Issey Moloney signed up for therapy through Britain’s National Health Service when she was just 12 years old. She was on a waiting list for four years.
Some of her clips are general, such as a short ode to the relationship between mentally ill people and pasta, while others address real diagnoses, such as “signs you might have BPD,” or borderline personality disorder. Sometimes, people ask her to address particular conditions. She tries to research for at least a week, checking websites and message boards and interviewing by direct message people who have the particular diagnosis. She adds disclaimers: “Everyone deals with [panic attacks] differently and not all of them feel the same.”
She has no official training and often talks about feelings that are to some degree universal, such as anxiety and depression. Commenters occasionally accuse her of pathologizing just “being a teenager” or encouraging self-diagnosis.
In real life, mental health information and care are sparse.

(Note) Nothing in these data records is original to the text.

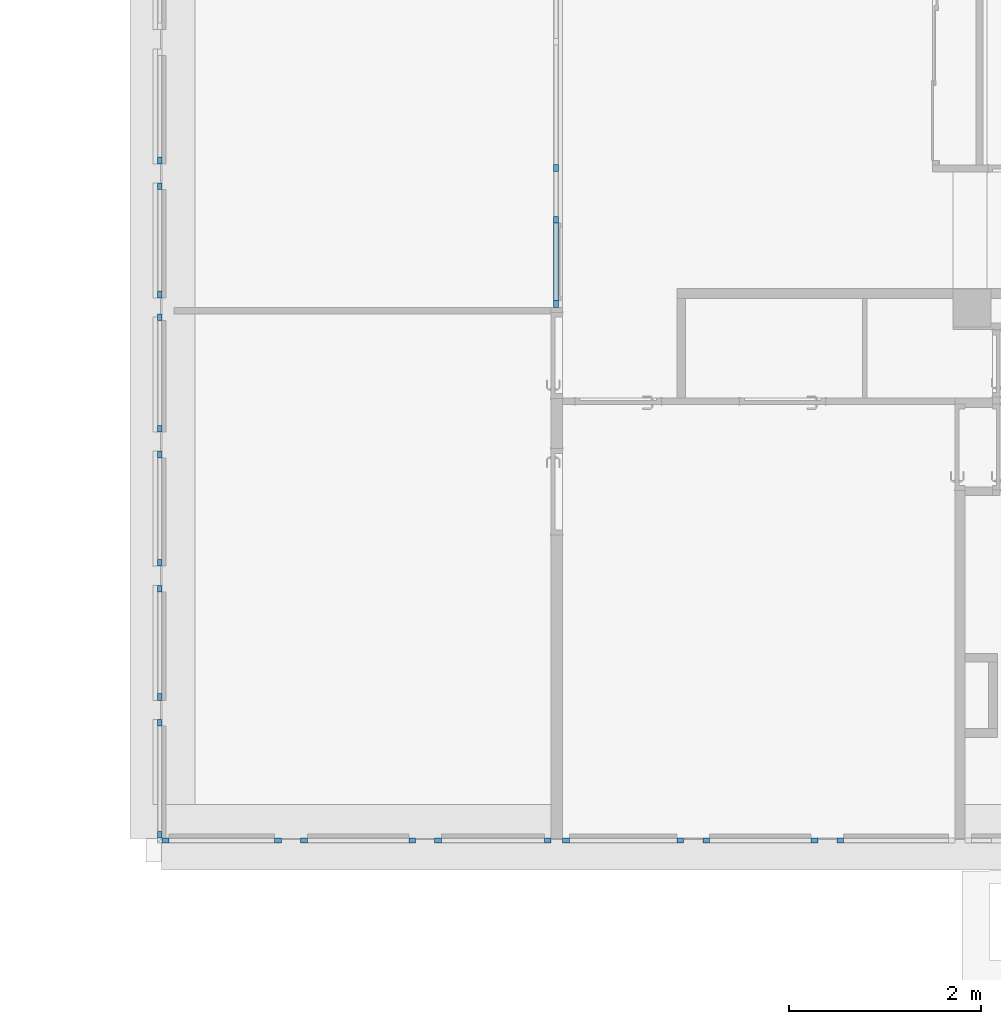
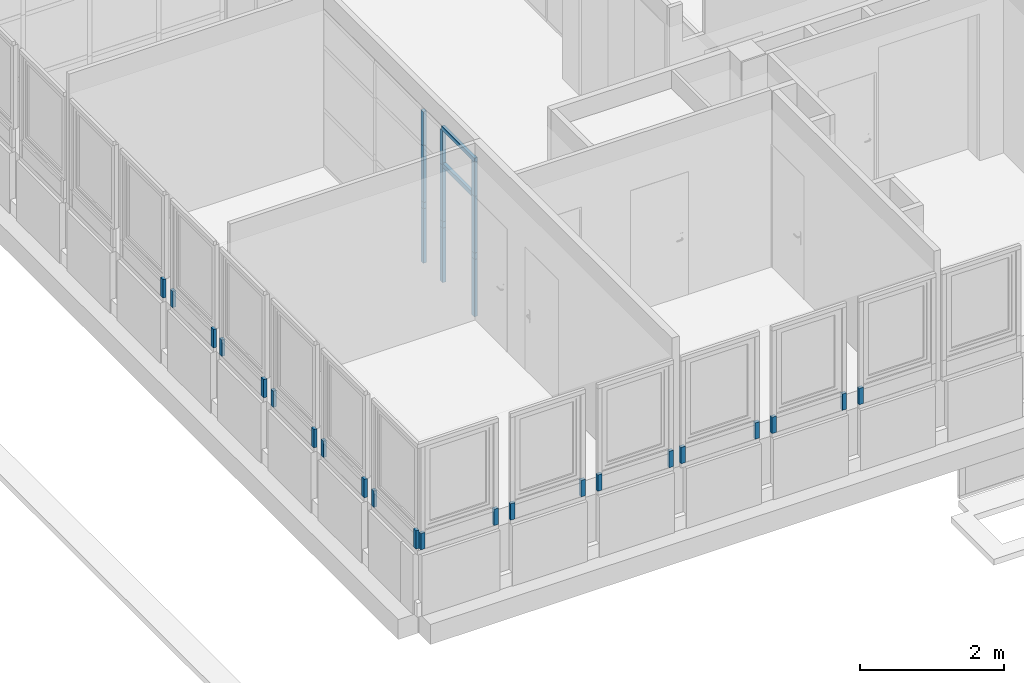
# One storey, part 14 of 97: 36 members, 13 elements without a shape of their own.
"""IFC4 building model written with IfcOpenShell, lengths in metres."""

from ifc_helpers import new_model, entity, si_unit, converted_unit, derived_unit, direction, frame, origin, place, context, subcontext, project, spatial, indexed_curve, outline, extrude, source, transform, mapped, material, type_object, type_shapes, element, aggregate, save


model = new_model("IFC4")

# Units and contexts
model_context = context("Model", 3, precision=1e-05, world=origin(), true_north=direction((6.12303176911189e-17, 1.0)))
body_context = subcontext(model_context, "Body", "Model", "MODEL_VIEW")
ifc_project = project(units=[si_unit("LENGTHUNIT", "METRE"), si_unit("AREAUNIT", "SQUARE_METRE"), si_unit("VOLUMEUNIT", "CUBIC_METRE"), converted_unit("PLANEANGLEUNIT", "DEGREE", entity("IfcRatioMeasure", 0.0174532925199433), si_unit("PLANEANGLEUNIT", "RADIAN"), dimensions=[0, 0, 0, 0, 0, 0, 0]), si_unit("MASSUNIT", "GRAM", prefix="KILO"), derived_unit("MASSDENSITYUNIT", [(si_unit("MASSUNIT", "GRAM", prefix="KILO"), 1), (si_unit("LENGTHUNIT", "METRE"), -3)]), derived_unit("MOMENTOFINERTIAUNIT", [(si_unit("LENGTHUNIT", "METRE"), 4)]), si_unit("TIMEUNIT", "SECOND"), si_unit("FREQUENCYUNIT", "HERTZ"), si_unit("THERMODYNAMICTEMPERATUREUNIT", "DEGREE_CELSIUS"), derived_unit("THERMALTRANSMITTANCEUNIT", [(si_unit("MASSUNIT", "GRAM", prefix="KILO"), 1), (si_unit("THERMODYNAMICTEMPERATUREUNIT", "KELVIN"), -1), (si_unit("TIMEUNIT", "SECOND"), -3)]), derived_unit("VOLUMETRICFLOWRATEUNIT", [(si_unit("LENGTHUNIT", "METRE"), 3), (si_unit("TIMEUNIT", "SECOND"), -1)]), si_unit("ELECTRICCURRENTUNIT", "AMPERE"), si_unit("ELECTRICVOLTAGEUNIT", "VOLT"), si_unit("POWERUNIT", "WATT"), si_unit("FORCEUNIT", "NEWTON", prefix="KILO"), si_unit("ILLUMINANCEUNIT", "LUX"), si_unit("LUMINOUSFLUXUNIT", "LUMEN"), si_unit("LUMINOUSINTENSITYUNIT", "CANDELA"), derived_unit("USERDEFINED", [(si_unit("MASSUNIT", "GRAM", prefix="KILO"), -1), (si_unit("LENGTHUNIT", "METRE"), -2), (si_unit("TIMEUNIT", "SECOND"), 3), (si_unit("LUMINOUSFLUXUNIT", "LUMEN"), 1)]), derived_unit("LINEARVELOCITYUNIT", [(si_unit("LENGTHUNIT", "METRE"), 1), (si_unit("TIMEUNIT", "SECOND"), -1)]), si_unit("PRESSUREUNIT", "PASCAL"), derived_unit("USERDEFINED", [(si_unit("LENGTHUNIT", "METRE"), -2), (si_unit("MASSUNIT", "GRAM", prefix="KILO"), 1), (si_unit("TIMEUNIT", "SECOND"), -2)]), derived_unit("LINEARFORCEUNIT", [(si_unit("MASSUNIT", "GRAM", prefix="KILO"), 1), (si_unit("LENGTHUNIT", "METRE"), 1), (si_unit("TIMEUNIT", "SECOND"), -2), (si_unit("LENGTHUNIT", "METRE"), -1)]), derived_unit("PLANARFORCEUNIT", [(si_unit("MASSUNIT", "GRAM", prefix="KILO"), 1), (si_unit("LENGTHUNIT", "METRE"), 1), (si_unit("TIMEUNIT", "SECOND"), -2), (si_unit("LENGTHUNIT", "METRE"), -2)])], contexts=[model_context])

# Site, building, storey
site_placement = place(None, origin())
site = spatial("IfcSite", under=ifc_project, at=site_placement, Name="Default", CompositionType="ELEMENT")
building_placement = place(site_placement, origin())
building = spatial("IfcBuilding", under=site, at=building_placement, Name="HOTEL CONSULAIRE BOULOGNE SUR MER", CompositionType="ELEMENT")
storey_placement = place(building_placement, frame((0.0, 0.0, 3.62152697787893)))
storey = spatial("IfcBuildingStorey", under=building, at=storey_placement, Name="Niveau 1", CompositionType="ELEMENT", Elevation=3.62152697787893)

# Curtain wall, member
curtain_wall_type = type_object("IfcCurtainWallType", Name="Mur-rideau:Simple panneau", PredefinedType="NOTDEFINED")
curtain_wall_1_placement = place(storey_placement, frame((0.0, 0.0, -3.62152697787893)))
curtain_wall_1 = element("IfcCurtainWall", 1, at=curtain_wall_1_placement, inside=storey, type_object=curtain_wall_type, Name="Mur-rideau:Simple panneau", ObjectType="Mur-rideau:Simple panneau", PredefinedType="NOTDEFINED")
ifc_material_1 = material(Name="PVC - Blanc", Category="Plastique")
member_type_1 = type_object("IfcMemberType", Name="Meneau rectangulaire:50 x 35", PredefinedType="MULLION", material=ifc_material_1)
shared_shape_1 = source(origin(), body_context, "Body", "SweptSolid", [
    extrude(outline(indexed_curve([(-0.025, -0.035), (0.025, -0.035), (0.025, 0.035), (-0.025, 0.035), (-0.025, -0.035)], self_intersect=False)), frame((-0.035, -0.025, -0.278), z_axis=(0.0, 0.0, 1.0), x_axis=(0.0, -1.0, 0.0)), (0.0, 0.0, 1.0), 0.278),
])
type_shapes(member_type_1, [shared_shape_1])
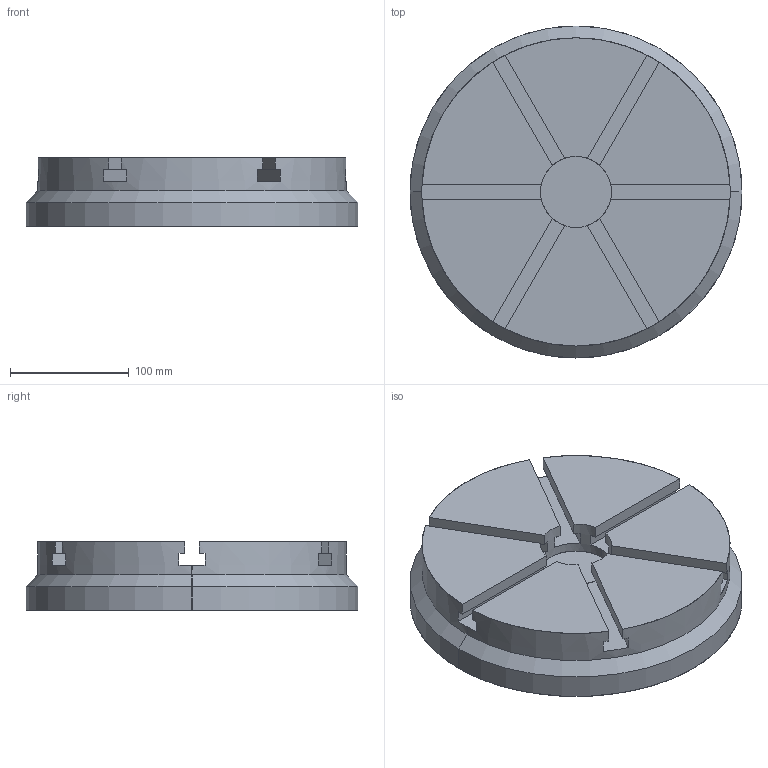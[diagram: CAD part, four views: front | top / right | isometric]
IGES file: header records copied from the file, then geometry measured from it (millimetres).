
Start section: SolidWorks IGES file using analytic representation for surfaces
Global section: file name: J:\Scolaire\BAC Pro\Epreuves professionnelles\E2\CD\Dossier Examinateurs\Dessins CN 5 axes\IGES\plateau.IGS; native system: SolidWorks 2005 by SolidWorks Corporation; preprocessor: SolidWorks 2005 by SolidWorks Corporation; author: Famille Couzi; date: 091204.123410; units: millimetre
Bounding box: 280 x 280 x 58 mm (x, y, z)
Surface area: 204656.2 mm2 (no closed solid volume)
Topology: 0 solids, 0 shells, 58 faces, 568 edges, 568 vertices
Faces by surface type: bspline 50, revolution 8
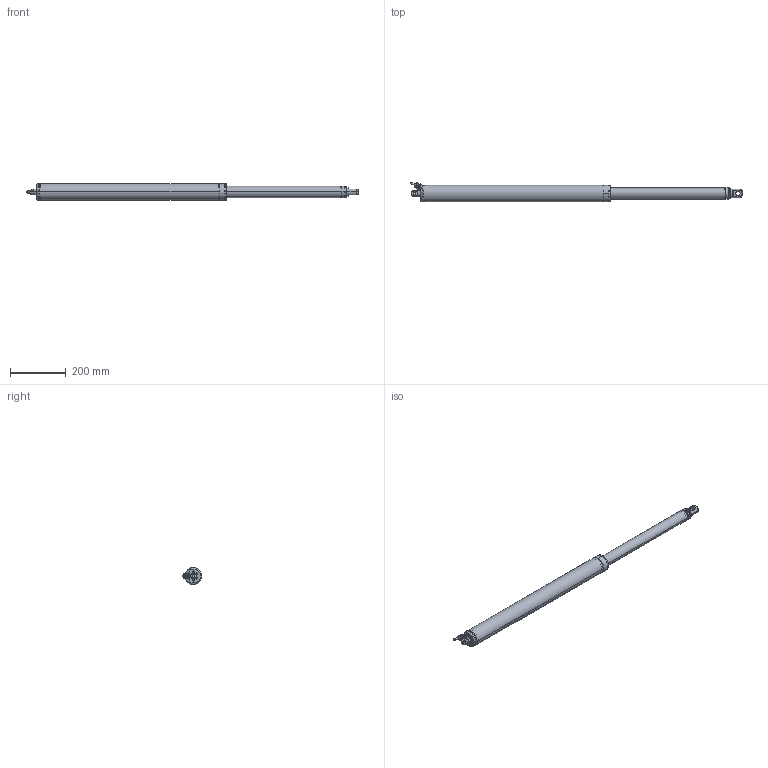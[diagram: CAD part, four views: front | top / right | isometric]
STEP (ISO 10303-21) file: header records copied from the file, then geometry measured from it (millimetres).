
FILE_DESCRIPTION((''),'2;1');
FILE_NAME('MK51_ASM','2026-08-19T',('rick'),(''),'PRO/ENGINEER BY PARAMETRIC TECHNOLOGY CORPORATION, 2016360','PRO/ENGINEER BY PARAMETRIC TECHNOLOGY CORPORATION, 2016360','');
FILE_SCHEMA(('CONFIG_CONTROL_DESIGN'));
Length unit declared in the file: millimetre
Products named in the file (3): 1; 2; MK51_ASM
Assembly tree (2 placements, depth 2):
  MK51_ASM
    1
    2
Bounding box: 1186.41 x 70.37 x 60 mm (x, y, z)
Volume: 558357.2 mm3; surface area: 459161.8 mm2
Topology: 2 solids, 5 shells, 474 faces, 1184 edges, 764 vertices
Faces by surface type: plane 228, cylinder 130, cone 80, torus 28, bspline 8
Entity records: 15778 total; most frequent: CARTESIAN_POINT 4337, DIRECTION 2388, ORIENTED_EDGE 2364, EDGE_CURVE 1182, AXIS2_PLACEMENT_3D 913, VERTEX_POINT 764, VECTOR 562, LINE 562
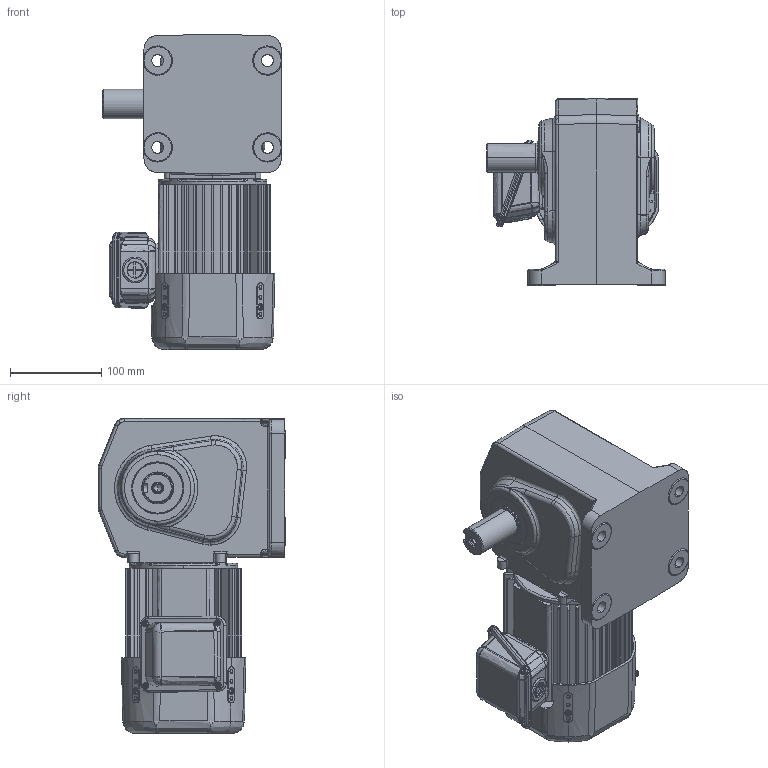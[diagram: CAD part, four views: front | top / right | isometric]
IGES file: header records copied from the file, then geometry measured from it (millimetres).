
Start section: SolidWorks IGES file using analytic representation for surfaces
Global section: file name: \\100.100.100.8\1_共有作業フォルダ\1-5_３Ｄデータ\solidworks\personal-folder\H.Nagayama\HL外形\HL(3D)\sldprt(合体)\TMHL-04-(80~240)A.IGS; native system: SolidWorks 2018; preprocessor: SolidWorks 2018; author: sigma-giken; date: 200324.142025; units: millimetre
Bounding box: 195 x 205 x 344.5 mm (x, y, z)
Surface area: 553511.9 mm2 (no closed solid volume)
Topology: 0 solids, 0 shells, 1882 faces, 24349 edges, 24270 vertices
Faces by surface type: bspline 961, revolution 921
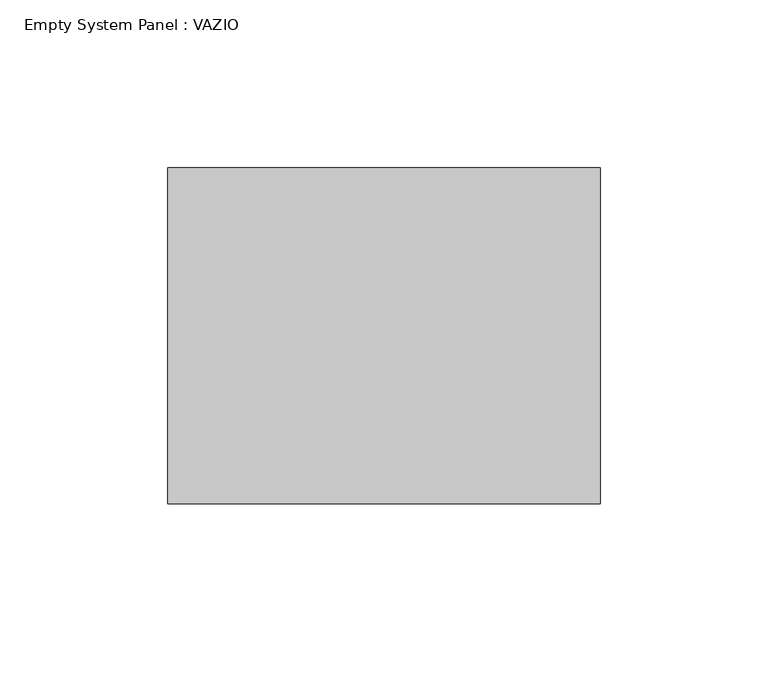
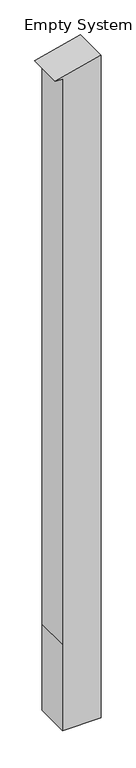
"""IFC4 building model written with IfcOpenShell, lengths in millimetres: plate geometry, Empty System Panel : VAZIO."""

from ifc_helpers import new_model, si_unit, point, frame, frame_2d, origin, place, context, project, spatial, polyline, circle_curve, trimmed, segment, composite_curve, outline, extrude, source, transform, mapped, element, save


def empty_system_panel_vazio_2f86a139(model_context):
    return source(origin(), model_context, "Body", "SweptSolid", [
        extrude(outline(composite_curve([segment(polyline([(0.0, -44.3902439), (0.0, 64.3902439), (256.7936467, 64.3902439), (1972.1572209, 64.3902439)]), True, "CONTINUOUS"), segment(trimmed(circle_curve(frame_2d((3146.6227404, -301.0264279)), 1229.9994311), [point((1972.1572209, 64.3902439))], [point((1939.6008197, -64.3902439))], True, "CARTESIAN"), True, "CONTINUOUS"), segment(polyline([(1939.6008197, -64.3902439), (1939.6008197, -44.3902439), (256.7936467, -44.3902439), (0.0, -44.3902439)]), True, "CONTINUOUS")], self_intersect=False)), frame((0.0, -50.0, 0.0), z_axis=(0.0, 1.0, 0.0), x_axis=(0.0, 0.0, 1.0)), (0.0, 0.0, 1.0), 100.0),
    ])


if __name__ == "__main__":
    model = new_model("IFC4")
    model_context = context("Model", 3, world=origin())
    ifc_project = project(units=[si_unit("LENGTHUNIT", "METRE", prefix="MILLI")], contexts=[model_context])
    site = spatial("IfcSite", under=ifc_project)
    building = spatial("IfcBuilding", under=site)
    placement = place(None, origin())
    empty_system_panel_vazio_shape = empty_system_panel_vazio_2f86a139(model_context)
    element("IfcPlate", 1, ObjectType="Empty System Panel : VAZIO", at=placement, inside=building, context=model_context, shape_type="MappedRepresentation", body=[
        mapped(empty_system_panel_vazio_shape, transform((0.0, 0.0, 0.0), x_axis=(1.0, 0.0, 0.0), y_axis=(0.0, 1.0, 0.0), z_axis=(0.0, 0.0, 1.0))),
    ])
    save(model, "model.ifc")

In the United States, 1 in 3 counties do not have a single licensed psychologist, according to the American Psychological Association, and Americans say cost is a top barrier to seeking mental health help. On the internet, however, mental health tips are everywhere: TikTok videos with #mentalhealth in the caption have earned more than 43.9 billion views, according to the analytics company Sprout Social, and mentions of mental health on social media are increasing year by year.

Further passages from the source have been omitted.